A filosofia do Bar do Bigode segue o dogma da abençoada e ingênua malícia de todo santo dia – Para levar a vida numa boa é que deve ser. Típico de lá é o método de servir a cerveja joão-bobo. O cliente feliz e salivante ao ver a suada ali, em cima da mesa, na expectativa de sorvê-la, pode tomar um susto com a prestidigitação mandrakeana.

Numa dessas já escutei por lá que, nos primórdios da bodega – quando o Xororó era pequeno... digo, usava fraldas e ainda nem sonhava em ser sócio do João, hermano de DNA do Bigode – que a tábua, onde é fatiada a iguaria, foi comprada de um caixeiro viajante cuja indumentária denunciava sua bíblica procedência.

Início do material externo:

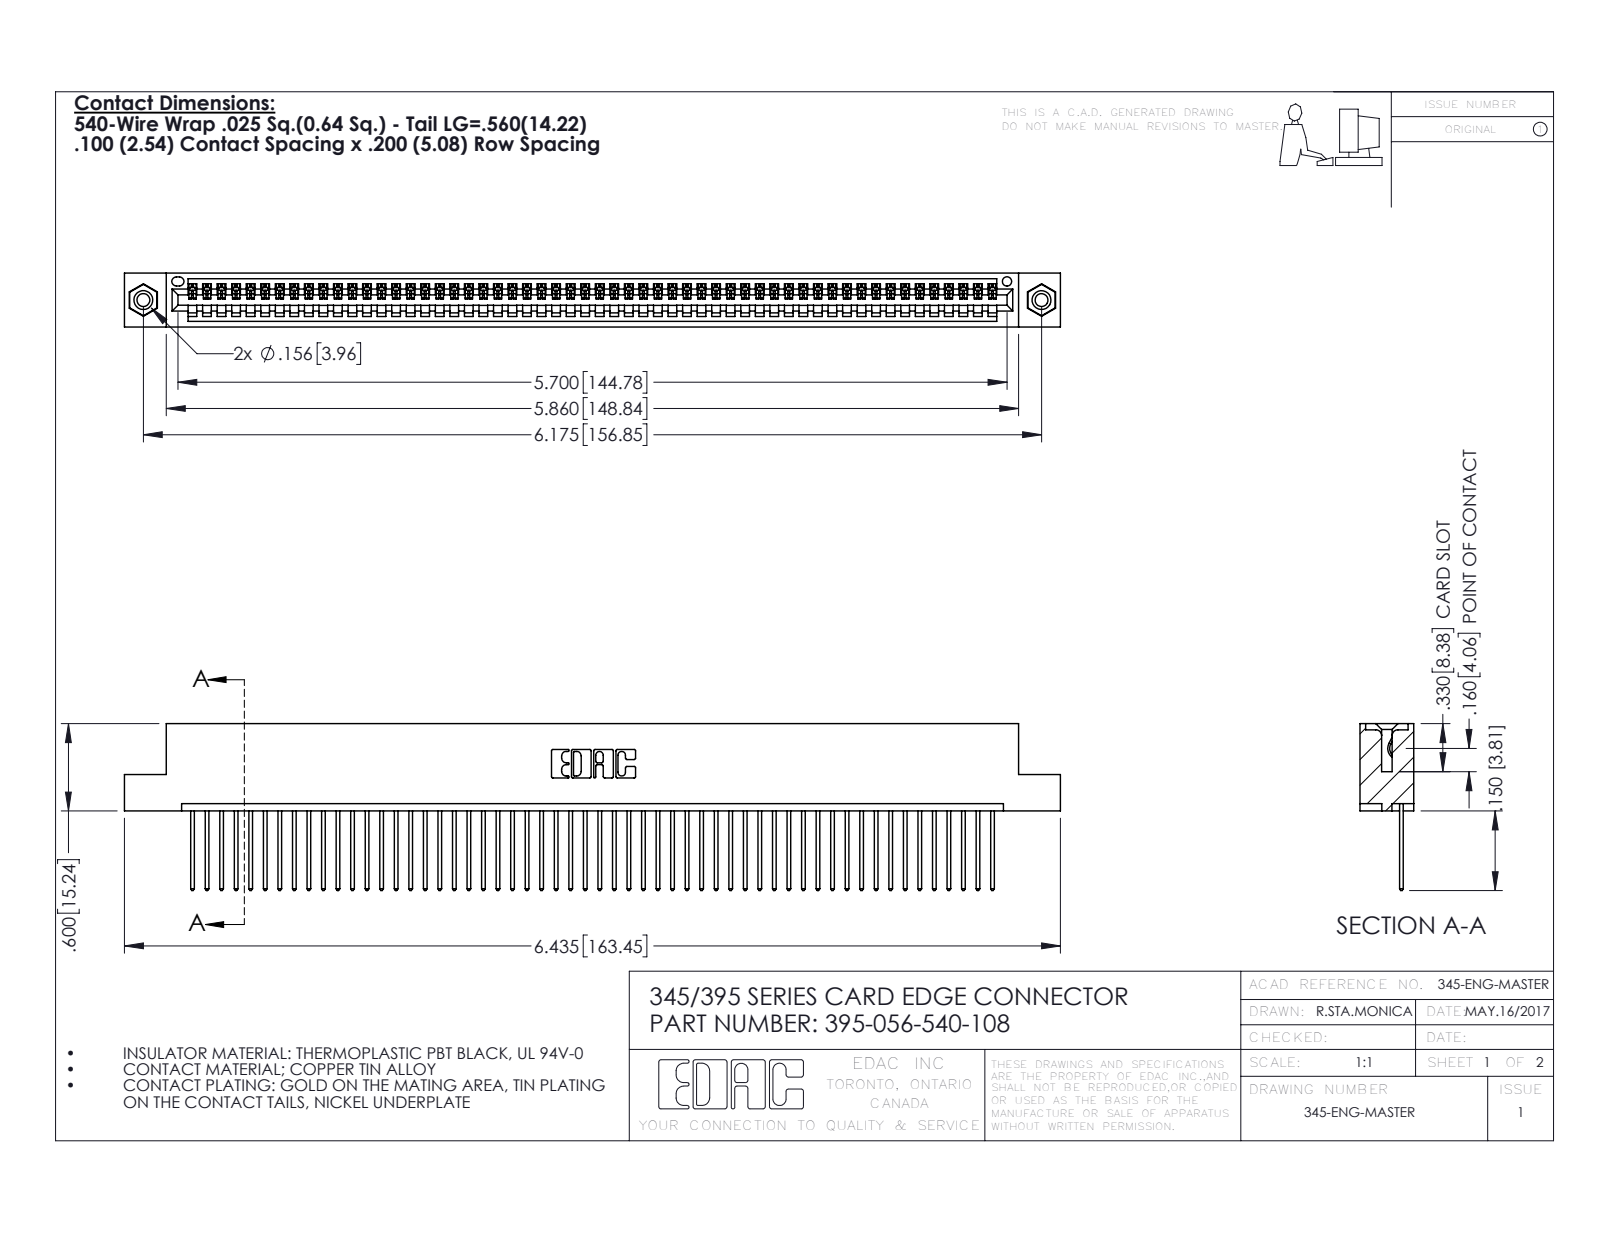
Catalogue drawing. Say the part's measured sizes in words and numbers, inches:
The part is named "345-250-001_345-250-003-102; 345-292-001_345-293-140; 345 Part_Flush Mounting Lugs - 0.156 Dia-TI; 395-056-540-108". Its 3-D file was written by "SolidWorks 2016 (CONFIG_CONTROL_DESIGN)". It is 59 solids with 3434 faces: 2352 planar, 1066 cylindrical and 16 other. Overall it measures 6.435 by 1.147 by 0.37 inches. Its volume is 0.959 cubic inches and its surface area 33.53 square inches. Round holes: 2 of diameter 0.089, 2 of diameter 0.125, 2 of diameter 0.156, 1 of diameter 0.064. Round bosses or shafts: 2 of diameter 0.155. Partial cylindrical surfaces (rounded edges, fillets, slot ends): 112 of radius 0.006, 112 of radius 0.01, 22 of radius 0.01, 6 of radius 0.007, 6 of radius 0.031, 3 of radius 0.026, 2 of radius 0.031, 2 of radius 0.04. The main face-to-face distances are 0.072, 0.298, 0.37, 0.098, 0.272, 0.025, 0.2, 0.225, 0.149, 0.072. The hole center spacings are 0.27, 5.939, 6.175.

Segundo os donos do Bar, o vendedor (de sandálias, túnica, turbante, barba e o Corão no sovaco) jurou de pés juntos que aquela madeira milenar seria um pedaço original da mesa que estava na Santa Ceia. Pitoresco, não?

Seu cardápio esbanja não só economia no tamanho como também apresenta um extenso rol de tira-gostos variados tanto em espécie monetária quanto na qualidade dos acepipes, que são sempre muito bem-vindos para se mordiscar enquanto se sorve uma cerva pra lá de gelada. Mas com perdão dos racionalistas ou daqueles que se deixam enganar, o torresmo do Bigode já passou de melhor do que. É comida consagrada, em Santa Comunhão, a que muitos são chamados e poucos serão os escolhidos.